What sync jobs are you referring to? LDAP replication only promises eventual consistency; relying on instantaneous/continuous consistency here means you've got a design flaw.

> Ciao, Michael.


-- 
   -- Howard Chu
   CTO, Symas Corp.           http://www.symas.com
   Director, Highland Sun     http://highlandsun.com/hyc/
   Chief Architect, OpenLDAP  http://www.openldap.org/project/

Comment 7 Quanah Gibson-Mount 2015-03-09 18:02:19 UTC
--On Tuesday, March 03, 2015 9:40 PM -0500 Aaron Richton 
<richton@nbcs.rutgers.edu> wrote:

> Is OPENLDAP_REL_ENG_2_4_40-156-g4129e24 early enough (slight inference
> from your earlier email)? That one failed after 80 runs.
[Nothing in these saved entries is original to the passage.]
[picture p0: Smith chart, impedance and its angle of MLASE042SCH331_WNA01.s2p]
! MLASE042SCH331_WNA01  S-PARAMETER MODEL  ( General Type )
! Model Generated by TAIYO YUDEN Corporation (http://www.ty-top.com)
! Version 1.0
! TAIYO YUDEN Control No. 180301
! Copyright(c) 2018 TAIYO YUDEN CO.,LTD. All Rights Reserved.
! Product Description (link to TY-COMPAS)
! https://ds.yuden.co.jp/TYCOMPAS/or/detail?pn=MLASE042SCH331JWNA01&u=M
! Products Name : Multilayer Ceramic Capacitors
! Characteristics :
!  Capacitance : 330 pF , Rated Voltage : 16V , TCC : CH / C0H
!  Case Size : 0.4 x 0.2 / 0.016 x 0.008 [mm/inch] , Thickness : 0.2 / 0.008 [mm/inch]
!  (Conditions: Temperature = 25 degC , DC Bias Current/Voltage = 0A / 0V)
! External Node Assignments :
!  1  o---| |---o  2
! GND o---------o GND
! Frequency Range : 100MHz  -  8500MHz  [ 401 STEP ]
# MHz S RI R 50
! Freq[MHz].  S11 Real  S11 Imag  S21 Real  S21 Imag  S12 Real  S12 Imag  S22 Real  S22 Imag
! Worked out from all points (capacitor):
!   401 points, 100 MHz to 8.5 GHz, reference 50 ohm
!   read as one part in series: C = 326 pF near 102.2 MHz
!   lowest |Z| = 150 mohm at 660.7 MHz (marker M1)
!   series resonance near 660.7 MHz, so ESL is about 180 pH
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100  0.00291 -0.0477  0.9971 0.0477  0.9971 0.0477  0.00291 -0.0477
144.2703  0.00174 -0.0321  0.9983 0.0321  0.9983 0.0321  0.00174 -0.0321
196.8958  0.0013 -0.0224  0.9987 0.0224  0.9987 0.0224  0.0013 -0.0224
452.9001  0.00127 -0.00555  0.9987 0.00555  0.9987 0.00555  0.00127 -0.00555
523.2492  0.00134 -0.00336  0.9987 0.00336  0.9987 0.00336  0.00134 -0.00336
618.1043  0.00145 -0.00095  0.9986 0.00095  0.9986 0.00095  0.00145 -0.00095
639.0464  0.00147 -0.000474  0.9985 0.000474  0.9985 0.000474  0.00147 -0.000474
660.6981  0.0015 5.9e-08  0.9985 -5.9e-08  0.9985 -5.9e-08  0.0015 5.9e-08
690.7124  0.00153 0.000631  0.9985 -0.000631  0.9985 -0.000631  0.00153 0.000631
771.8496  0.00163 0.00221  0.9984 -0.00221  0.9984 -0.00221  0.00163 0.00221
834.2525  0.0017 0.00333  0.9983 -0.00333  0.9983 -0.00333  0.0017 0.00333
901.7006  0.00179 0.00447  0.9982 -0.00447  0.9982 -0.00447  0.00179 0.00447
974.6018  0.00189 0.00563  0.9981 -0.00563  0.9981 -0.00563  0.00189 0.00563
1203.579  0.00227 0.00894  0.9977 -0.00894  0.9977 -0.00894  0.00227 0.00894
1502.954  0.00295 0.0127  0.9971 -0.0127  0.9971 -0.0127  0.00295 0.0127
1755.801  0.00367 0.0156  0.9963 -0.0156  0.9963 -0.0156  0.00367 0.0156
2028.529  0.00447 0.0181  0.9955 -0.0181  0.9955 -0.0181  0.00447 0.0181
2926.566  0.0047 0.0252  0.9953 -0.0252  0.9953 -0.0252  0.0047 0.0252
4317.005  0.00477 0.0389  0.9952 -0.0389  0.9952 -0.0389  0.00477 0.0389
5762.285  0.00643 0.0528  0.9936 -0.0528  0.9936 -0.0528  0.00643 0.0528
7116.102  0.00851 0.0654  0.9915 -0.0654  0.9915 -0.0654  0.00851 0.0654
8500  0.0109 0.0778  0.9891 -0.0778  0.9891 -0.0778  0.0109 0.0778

I think the answer is what Howard noted -- This test can fail on any 
release from 2006 and forward. :P

--Quanah



--

Quanah Gibson-Mount
Platform Architect
Zimbra, Inc.
--------------------
Zimbra ::  the leader in open source messaging and collaboration

Comment 8 OpenLDAP project 2015-03-09 18:02:54 UTC
test script issue
Comment 9 Quanah Gibson-Mount 2015-03-09 18:02:54 UTC
changed notes
moved from Incoming to Build
Comment 10 Quanah Gibson-Mount 2020-03-20 22:40:30 UTC
Maybe something we can fix with reworking the test suite into python or similar.